------ Working data

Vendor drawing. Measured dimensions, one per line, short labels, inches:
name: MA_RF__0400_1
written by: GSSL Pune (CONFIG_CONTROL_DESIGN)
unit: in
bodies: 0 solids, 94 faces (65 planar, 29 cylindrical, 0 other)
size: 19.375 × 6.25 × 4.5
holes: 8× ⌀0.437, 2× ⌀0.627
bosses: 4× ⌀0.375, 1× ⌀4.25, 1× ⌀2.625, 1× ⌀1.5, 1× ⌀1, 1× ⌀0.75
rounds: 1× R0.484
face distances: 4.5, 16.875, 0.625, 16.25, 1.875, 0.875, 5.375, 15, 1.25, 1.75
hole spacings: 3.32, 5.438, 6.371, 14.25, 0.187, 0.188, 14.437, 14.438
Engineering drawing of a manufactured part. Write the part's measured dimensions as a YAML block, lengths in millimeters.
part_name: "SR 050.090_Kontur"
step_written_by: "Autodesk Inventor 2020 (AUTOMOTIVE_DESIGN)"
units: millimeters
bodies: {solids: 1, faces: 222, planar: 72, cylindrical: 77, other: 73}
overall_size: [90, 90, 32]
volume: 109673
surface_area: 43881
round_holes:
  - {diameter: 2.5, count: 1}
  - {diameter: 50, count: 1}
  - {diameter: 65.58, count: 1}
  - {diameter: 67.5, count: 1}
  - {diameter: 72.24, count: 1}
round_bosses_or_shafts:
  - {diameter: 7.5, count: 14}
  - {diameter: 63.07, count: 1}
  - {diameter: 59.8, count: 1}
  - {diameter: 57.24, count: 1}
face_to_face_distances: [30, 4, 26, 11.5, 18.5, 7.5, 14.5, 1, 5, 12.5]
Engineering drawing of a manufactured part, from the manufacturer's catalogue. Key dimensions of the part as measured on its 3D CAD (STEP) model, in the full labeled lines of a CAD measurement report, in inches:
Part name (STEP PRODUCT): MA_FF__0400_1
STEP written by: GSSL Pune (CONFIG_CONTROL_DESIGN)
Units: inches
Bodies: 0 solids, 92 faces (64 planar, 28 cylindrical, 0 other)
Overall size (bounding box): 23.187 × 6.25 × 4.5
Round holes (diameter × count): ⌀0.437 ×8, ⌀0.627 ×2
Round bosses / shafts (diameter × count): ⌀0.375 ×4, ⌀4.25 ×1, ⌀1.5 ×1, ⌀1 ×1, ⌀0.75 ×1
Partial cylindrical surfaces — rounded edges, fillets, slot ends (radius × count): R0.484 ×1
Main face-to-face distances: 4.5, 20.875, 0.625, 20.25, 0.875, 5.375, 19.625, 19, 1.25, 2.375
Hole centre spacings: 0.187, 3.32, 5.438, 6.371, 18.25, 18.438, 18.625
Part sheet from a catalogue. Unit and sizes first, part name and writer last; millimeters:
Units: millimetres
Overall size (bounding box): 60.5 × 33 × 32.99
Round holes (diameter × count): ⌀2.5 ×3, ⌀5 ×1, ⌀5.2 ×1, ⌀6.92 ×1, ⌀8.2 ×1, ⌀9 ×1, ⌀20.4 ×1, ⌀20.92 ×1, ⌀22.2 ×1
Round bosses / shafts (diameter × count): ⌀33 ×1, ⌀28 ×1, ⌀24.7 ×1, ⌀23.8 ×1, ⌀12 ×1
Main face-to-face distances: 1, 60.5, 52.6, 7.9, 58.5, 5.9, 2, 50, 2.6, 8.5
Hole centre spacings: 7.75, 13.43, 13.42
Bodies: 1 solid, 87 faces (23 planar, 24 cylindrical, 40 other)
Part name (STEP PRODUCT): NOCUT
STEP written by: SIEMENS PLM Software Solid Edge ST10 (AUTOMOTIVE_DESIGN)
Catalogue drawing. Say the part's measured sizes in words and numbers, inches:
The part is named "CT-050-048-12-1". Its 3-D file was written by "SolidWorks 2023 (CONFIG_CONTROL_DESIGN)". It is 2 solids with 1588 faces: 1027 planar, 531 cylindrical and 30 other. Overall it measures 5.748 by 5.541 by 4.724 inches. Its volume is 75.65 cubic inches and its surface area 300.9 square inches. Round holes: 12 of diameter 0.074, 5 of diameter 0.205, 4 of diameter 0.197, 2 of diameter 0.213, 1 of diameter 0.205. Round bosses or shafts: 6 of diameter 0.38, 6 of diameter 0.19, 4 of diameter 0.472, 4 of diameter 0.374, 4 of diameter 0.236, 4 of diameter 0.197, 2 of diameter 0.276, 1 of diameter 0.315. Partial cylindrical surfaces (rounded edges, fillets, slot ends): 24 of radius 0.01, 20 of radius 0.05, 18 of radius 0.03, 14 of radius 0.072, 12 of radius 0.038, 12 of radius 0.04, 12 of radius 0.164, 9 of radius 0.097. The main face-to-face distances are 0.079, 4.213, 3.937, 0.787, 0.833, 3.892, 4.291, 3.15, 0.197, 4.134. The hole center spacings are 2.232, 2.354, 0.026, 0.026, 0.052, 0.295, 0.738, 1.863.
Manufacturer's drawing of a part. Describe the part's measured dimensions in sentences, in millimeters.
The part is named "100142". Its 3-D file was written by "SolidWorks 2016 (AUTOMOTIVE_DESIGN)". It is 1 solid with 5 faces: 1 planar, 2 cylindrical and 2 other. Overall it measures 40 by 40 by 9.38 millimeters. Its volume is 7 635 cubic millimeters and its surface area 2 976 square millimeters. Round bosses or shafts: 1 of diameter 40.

------------

> To do: Set down only the lines from the line with "Manufacturer's drawing of" through the last line of the data above, keeping both the first and the last.

> Solution to this problem:
Manufacturer's drawing of a part. Describe the part's measured dimensions in sentences, in millimeters.
The part is named "100142". Its 3-D file was written by "SolidWorks 2016 (AUTOMOTIVE_DESIGN)". It is 1 solid with 5 faces: 1 planar, 2 cylindrical and 2 other. Overall it measures 40 by 40 by 9.38 millimeters. Its volume is 7 635 cubic millimeters and its surface area 2 976 square millimeters. Round bosses or shafts: 1 of diameter 40.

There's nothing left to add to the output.